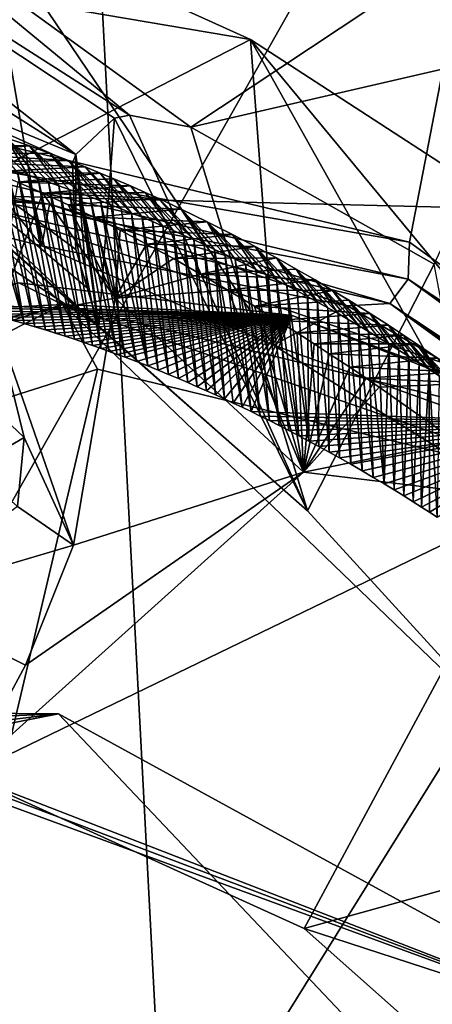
# Model space of a CAD drawing. Header units: metres. Extents: x -150 to 307, y -550 to 84.
# Tile 392 of 656: x 173.86 to 175.34, y 9.04 to 12.6. Entities that reach past the tile are written whole.
import ezdxf

# ---------------------------------------------------------------- set-up
doc = ezdxf.new("R2010")
doc.units = ezdxf.units.M
doc.layers.add('solid_26006363', color=7, linetype='CONTINUOUS')

msp = doc.modelspace()

# ---------------------------------------------------------------- linework, layer by layer
at = {"layer": 'solid_26006363'}
for points in [[(175.713959, 12.498496, 862.86676), (172.426926, 19.811089, 863.447449), (172.170959, 19.306768, 863.064392)], [(175.713959, 12.498496, 862.86676), (179.450974, 14.596211, 866.598145), (172.426926, 19.811089, 863.447449)], [(175.336731, 12.786004, 862.644104), (175.713959, 12.498496, 862.86676), (172.170959, 19.306768, 863.064392)], [(177.719193, 11.757351, 899.207153), (177.31778, 17.684128, 898.221436), (174.006027, 15.452538, 895.127869)], [(173.115189, 12.310414, 856.930786), (171.771301, 15.765386, 857.73407), (175.962662, 15.430596, 861.105591)], [(172.062759, 7.739251, 890.959351), (171.730453, 15.491827, 889.848267), (175.531326, 13.875046, 893.989563)], [(170.362183, 14.264472, 891.475952), (174.411835, 7.725043, 896.199707), (174.006027, 15.452538, 895.127869)], [(177.719193, 11.757351, 899.207153), (174.006027, 15.452538, 895.127869), (174.411835, 7.725043, 896.199707)], [(175.261398, 11.796453, 858.835632), (173.115189, 12.310414, 856.930786), (175.962662, 15.430596, 861.105591)], [(177.362961, 10.267089, 860.31897), (175.261398, 11.796453, 858.835632), (175.962662, 15.430596, 861.105591)], [(170.362183, 14.264472, 891.475952), (170.652481, 7.129633, 892.419128), (174.411835, 7.725043, 896.199707)], [(172.062759, 7.739251, 890.959351), (175.531326, 13.875046, 893.989563), (175.855179, 6.935004, 894.855896)], [(172.114243, 13.350467, 863.699036), (174.057449, 12.112892, 864.87207), (172.275146, 13.521238, 863.626282)], [(172.275146, 13.521238, 863.626282), (174.251694, 12.255835, 864.803162), (173.079575, 13.22189, 863.909302)], [(172.275146, 13.521238, 863.626282), (174.057449, 12.112892, 864.87207), (174.196762, 12.24429, 864.821167)], [(172.275146, 13.521238, 863.626282), (174.196762, 12.24429, 864.821167), (174.251694, 12.255835, 864.803162)], [(172.114243, 13.350467, 863.699036), (173.022903, 12.541523, 864.268433), (174.057449, 12.112892, 864.87207)], [(172.77774, 13.218596, 859.032776), (173.111725, 11.98535, 858.310791), (173.935318, 11.783294, 859.036682)], [(172.77774, 13.218596, 859.032776), (173.935318, 11.783294, 859.036682), (173.731781, 12.961796, 859.844849)], [(173.079575, 13.22189, 863.909302), (174.472107, 12.211953, 864.742554), (175.336731, 12.786004, 862.644104)], [(174.251694, 12.255835, 864.803162), (174.472107, 12.211953, 864.742554), (173.079575, 13.22189, 863.909302)], [(174.687469, 12.528455, 860.603271), (173.59816, 11.967732, 863.607239), (171.262955, 13.110596, 862.093933)], [(173.731781, 12.961796, 859.844849), (174.687469, 12.528455, 860.603271), (171.262955, 13.110596, 862.093933)], [(173.731781, 12.961796, 859.844849), (173.935318, 11.783294, 859.036682), (174.771576, 11.424417, 859.711426)], [(173.731781, 12.961796, 859.844849), (174.771576, 11.424417, 859.711426), (174.687469, 12.528455, 860.603271)], [(172.041672, 12.873581, 863.547913), (173.59816, 11.967732, 863.607239), (174.140121, 11.49324, 864.840942)], [(173.022903, 12.541523, 864.268433), (172.041672, 12.873581, 863.547913), (174.140121, 11.49324, 864.840942)], [(174.472107, 12.211953, 864.742554), (175.713959, 12.498496, 862.86676), (175.336731, 12.786004, 862.644104)], [(173.022903, 12.541523, 864.268433), (174.140121, 11.49324, 864.840942), (174.098495, 11.631628, 864.856262)], [(173.022903, 12.541523, 864.268433), (174.098495, 11.631628, 864.856262), (174.057175, 11.769428, 864.872192)], [(173.022903, 12.541523, 864.268433), (174.057175, 11.769428, 864.872192), (174.045715, 12.081656, 864.876709)], [(173.022903, 12.541523, 864.268433), (174.045715, 12.081656, 864.876709), (174.057449, 12.112892, 864.87207)], [(174.687469, 12.528455, 860.603271), (175.628281, 11.916741, 861.299316), (173.59816, 11.967732, 863.607239)], [(174.687469, 12.528455, 860.603271), (174.771576, 11.424417, 859.711426), (175.593811, 10.910673, 860.327087)], [(175.612305, 11.410773, 860.812256), (174.687469, 12.528455, 860.603271), (175.593811, 10.910673, 860.327087)], [(175.612305, 11.410773, 860.812256), (175.628281, 11.916741, 861.299316), (174.687469, 12.528455, 860.603271)], [(174.472107, 12.211953, 864.742554), (175.351395, 11.717343, 864.669617), (175.713959, 12.498496, 862.86676)], [(173.090439, 12.175703, 856.904907), (173.115189, 12.310414, 856.930786), (175.261398, 11.796453, 858.835632)], [(174.196762, 12.24429, 864.821167), (174.057449, 12.112892, 864.87207), (174.140121, 11.49324, 864.840942)], [(174.196762, 12.24429, 864.821167), (174.140121, 11.49324, 864.840942), (174.893326, 10.825772, 864.674927)], [(174.251694, 12.255835, 864.803162), (174.196762, 12.24429, 864.821167), (174.893326, 10.825772, 864.674927)], [(174.251694, 12.255835, 864.803162), (174.893326, 10.825772, 864.674927), (174.472107, 12.211953, 864.742554)], [(173.713089, 12.204223, 859.450745), (173.884247, 12.037948, 859.203369), (173.846832, 12.049922, 859.171448)], [(173.713089, 12.204223, 859.450745), (173.806656, 12.173332, 859.530029), (173.884247, 12.037948, 859.203369)], [(174.893326, 10.825772, 864.674927), (175.351395, 11.717343, 864.669617), (174.472107, 12.211953, 864.742554)], [(173.042908, 12.083013, 856.95282), (173.090439, 12.175703, 856.904907), (175.257309, 11.663165, 858.831604)], [(175.257309, 11.663165, 858.831604), (173.090439, 12.175703, 856.904907), (175.261398, 11.796453, 858.835632)], [(173.50238, 12.148482, 860.048218), (173.890106, 12.144227, 859.600098), (173.806656, 12.173332, 859.530029)], [(173.806656, 12.173332, 859.530029), (173.996597, 12.000212, 859.298401), (173.959137, 12.013091, 859.266785)], [(173.806656, 12.173332, 859.530029), (173.890106, 12.144227, 859.600098), (173.996597, 12.000212, 859.298401)], [(173.806656, 12.173332, 859.530029), (173.959137, 12.013091, 859.266785), (173.921692, 12.02567, 859.235107)], [(173.806656, 12.173332, 859.530029), (173.921692, 12.02567, 859.235107), (173.884247, 12.037948, 859.203369)], [(173.50238, 12.148482, 860.048218), (173.586792, 12.117754, 860.118713), (173.890106, 12.144227, 859.600098)], [(173.586792, 12.117754, 860.118713), (173.964554, 12.117016, 859.662231), (173.890106, 12.144227, 859.600098)], [(173.890106, 12.144227, 859.600098), (174.071579, 11.973536, 859.361267), (174.034088, 11.987027, 859.329834)], [(173.890106, 12.144227, 859.600098), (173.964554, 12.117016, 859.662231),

════════════════════

Exercise aim
Could you repeat every entry above exactly, with each picture omitted?

Task answer
# Model space of a CAD drawing. Header units: metres. Extents: x -150 to 307, y -550 to 84.
# Tile 392 of 656: x 173.86 to 175.34, y 9.04 to 12.6. Entities that reach past the tile are written whole.
import ezdxf

# ---------------------------------------------------------------- set-up
doc = ezdxf.new("R2010")
doc.units = ezdxf.units.M
doc.layers.add('solid_26006363', color=7, linetype='CONTINUOUS')

msp = doc.modelspace()

# ---------------------------------------------------------------- linework, layer by layer
at = {"layer": 'solid_26006363'}
for points in [[(175.713959, 12.498496, 862.86676), (172.426926, 19.811089, 863.447449), (172.170959, 19.306768, 863.064392)], [(175.713959, 12.498496, 862.86676), (179.450974, 14.596211, 866.598145), (172.426926, 19.811089, 863.447449)], [(175.336731, 12.786004, 862.644104), (175.713959, 12.498496, 862.86676), (172.170959, 19.306768, 863.064392)], [(177.719193, 11.757351, 899.207153), (177.31778, 17.684128, 898.221436), (174.006027, 15.452538, 895.127869)], [(173.115189, 12.310414, 856.930786), (171.771301, 15.765386, 857.73407), (175.962662, 15.430596, 861.105591)], [(172.062759, 7.739251, 890.959351), (171.730453, 15.491827, 889.848267), (175.531326, 13.875046, 893.989563)], [(170.362183, 14.264472, 891.475952), (174.411835, 7.725043, 896.199707), (174.006027, 15.452538, 895.127869)], [(177.719193, 11.757351, 899.207153), (174.006027, 15.452538, 895.127869), (174.411835, 7.725043, 896.199707)], [(175.261398, 11.796453, 858.835632), (173.115189, 12.310414, 856.930786), (175.962662, 15.430596, 861.105591)], [(177.362961, 10.267089, 860.31897), (175.261398, 11.796453, 858.835632), (175.962662, 15.430596, 861.105591)], [(170.362183, 14.264472, 891.475952), (170.652481, 7.129633, 892.419128), (174.411835, 7.725043, 896.199707)], [(172.062759, 7.739251, 890.959351), (175.531326, 13.875046, 893.989563), (175.855179, 6.935004, 894.855896)], [(172.114243, 13.350467, 863.699036), (174.057449, 12.112892, 864.87207), (172.275146, 13.521238, 863.626282)], [(172.275146, 13.521238, 863.626282), (174.251694, 12.255835, 864.803162), (173.079575, 13.22189, 863.909302)], [(172.275146, 13.521238, 863.626282), (174.057449, 12.112892, 864.87207), (174.196762, 12.24429, 864.821167)], [(172.275146, 13.521238, 863.626282), (174.196762, 12.24429, 864.821167), (174.251694, 12.255835, 864.803162)], [(172.114243, 13.350467, 863.699036), (173.022903, 12.541523, 864.268433), (174.057449, 12.112892, 864.87207)], [(172.77774, 13.218596, 859.032776), (173.111725, 11.98535, 858.310791), (173.935318, 11.783294, 859.036682)], [(172.77774, 13.218596, 859.032776), (173.935318, 11.783294, 859.036682), (173.731781, 12.961796, 859.844849)], [(173.079575, 13.22189, 863.909302), (174.472107, 12.211953, 864.742554), (175.336731, 12.786004, 862.644104)], [(174.251694, 12.255835, 864.803162), (174.472107, 12.211953, 864.742554), (173.079575, 13.22189, 863.909302)], [(174.687469, 12.528455, 860.603271), (173.59816, 11.967732, 863.607239), (171.262955, 13.110596, 862.093933)], [(173.731781, 12.961796, 859.844849), (174.687469, 12.528455, 860.603271), (171.262955, 13.110596, 862.093933)], [(173.731781, 12.961796, 859.844849), (173.935318, 11.783294, 859.036682), (174.771576, 11.424417, 859.711426)], [(173.731781, 12.961796, 859.844849), (174.771576, 11.424417, 859.711426), (174.687469, 12.528455, 860.603271)], [(172.041672, 12.873581, 863.547913), (173.59816, 11.967732, 863.607239), (174.140121, 11.49324, 864.840942)], [(173.022903, 12.541523, 864.268433), (172.041672, 12.873581, 863.547913), (174.140121, 11.49324, 864.840942)], [(174.472107, 12.211953, 864.742554), (175.713959, 12.498496, 862.86676), (175.336731, 12.786004, 862.644104)], [(173.022903, 12.541523, 864.268433), (174.140121, 11.49324, 864.840942), (174.098495, 11.631628, 864.856262)], [(173.022903, 12.541523, 864.268433), (174.098495, 11.631628, 864.856262), (174.057175, 11.769428, 864.872192)], [(173.022903, 12.541523, 864.268433), (174.057175, 11.769428, 864.872192), (174.045715, 12.081656, 864.876709)], [(173.022903, 12.541523, 864.268433), (174.045715, 12.081656, 864.876709), (174.057449, 12.112892, 864.87207)], [(174.687469, 12.528455, 860.603271), (175.628281, 11.916741, 861.299316), (173.59816, 11.967732, 863.607239)], [(174.687469, 12.528455, 860.603271), (174.771576, 11.424417, 859.711426), (175.593811, 10.910673, 860.327087)], [(175.612305, 11.410773, 860.812256), (174.687469, 12.528455, 860.603271), (175.593811, 10.910673, 860.327087)], [(175.612305, 11.410773, 860.812256), (175.628281, 11.916741, 861.299316), (174.687469, 12.528455, 860.603271)], [(174.472107, 12.211953, 864.742554), (175.351395, 11.717343, 864.669617), (175.713959, 12.498496, 862.86676)], [(173.090439, 12.175703, 856.904907), (173.115189, 12.310414, 856.930786), (175.261398, 11.796453, 858.835632)], [(174.196762, 12.24429, 864.821167), (174.057449, 12.112892, 864.87207), (174.140121, 11.49324, 864.840942)], [(174.196762, 12.24429, 864.821167), (174.140121, 11.49324, 864.840942), (174.893326, 10.825772, 864.674927)], [(174.251694, 12.255835, 864.803162), (174.196762, 12.24429, 864.821167), (174.893326, 10.825772, 864.674927)], [(174.251694, 12.255835, 864.803162), (174.893326, 10.825772, 864.674927), (174.472107, 12.211953, 864.742554)], [(173.713089, 12.204223, 859.450745), (173.884247, 12.037948, 859.203369), (173.846832, 12.049922, 859.171448)], [(173.713089, 12.204223, 859.450745), (173.806656, 12.173332, 859.530029), (173.884247, 12.037948, 859.203369)], [(174.893326, 10.825772, 864.674927), (175.351395, 11.717343, 864.669617), (174.472107, 12.211953, 864.742554)], [(173.042908, 12.083013, 856.95282), (173.090439, 12.175703, 856.904907), (175.257309, 11.663165, 858.831604)], [(175.257309, 11.663165, 858.831604), (173.090439, 12.175703, 856.904907), (175.261398, 11.796453, 858.835632)], [(173.50238, 12.148482, 860.048218), (173.890106, 12.144227, 859.600098), (173.806656, 12.173332, 859.530029)], [(173.806656, 12.173332, 859.530029), (173.996597, 12.000212, 859.298401), (173.959137, 12.013091, 859.266785)], [(173.806656, 12.173332, 859.530029), (173.890106, 12.144227, 859.600098), (173.996597, 12.000212, 859.298401)], [(173.806656, 12.173332, 859.530029), (173.959137, 12.013091, 859.266785), (173.921692, 12.02567, 859.235107)], [(173.806656, 12.173332, 859.530029), (173.921692, 12.02567, 859.235107), (173.884247, 12.037948, 859.203369)], [(173.50238, 12.148482, 860.048218), (173.586792, 12.117754, 860.118713), (173.890106, 12.144227, 859.600098)], [(173.586792, 12.117754, 860.118713), (173.964554, 12.117016, 859.662231), (173.890106, 12.144227, 859.600098)], [(173.890106, 12.144227, 859.600098), (174.071579, 11.973536, 859.361267), (174.034088, 11.987027, 859.329834)], [(173.890106, 12.144227, 859.600098), (173.964554, 12.117016, 859.662231),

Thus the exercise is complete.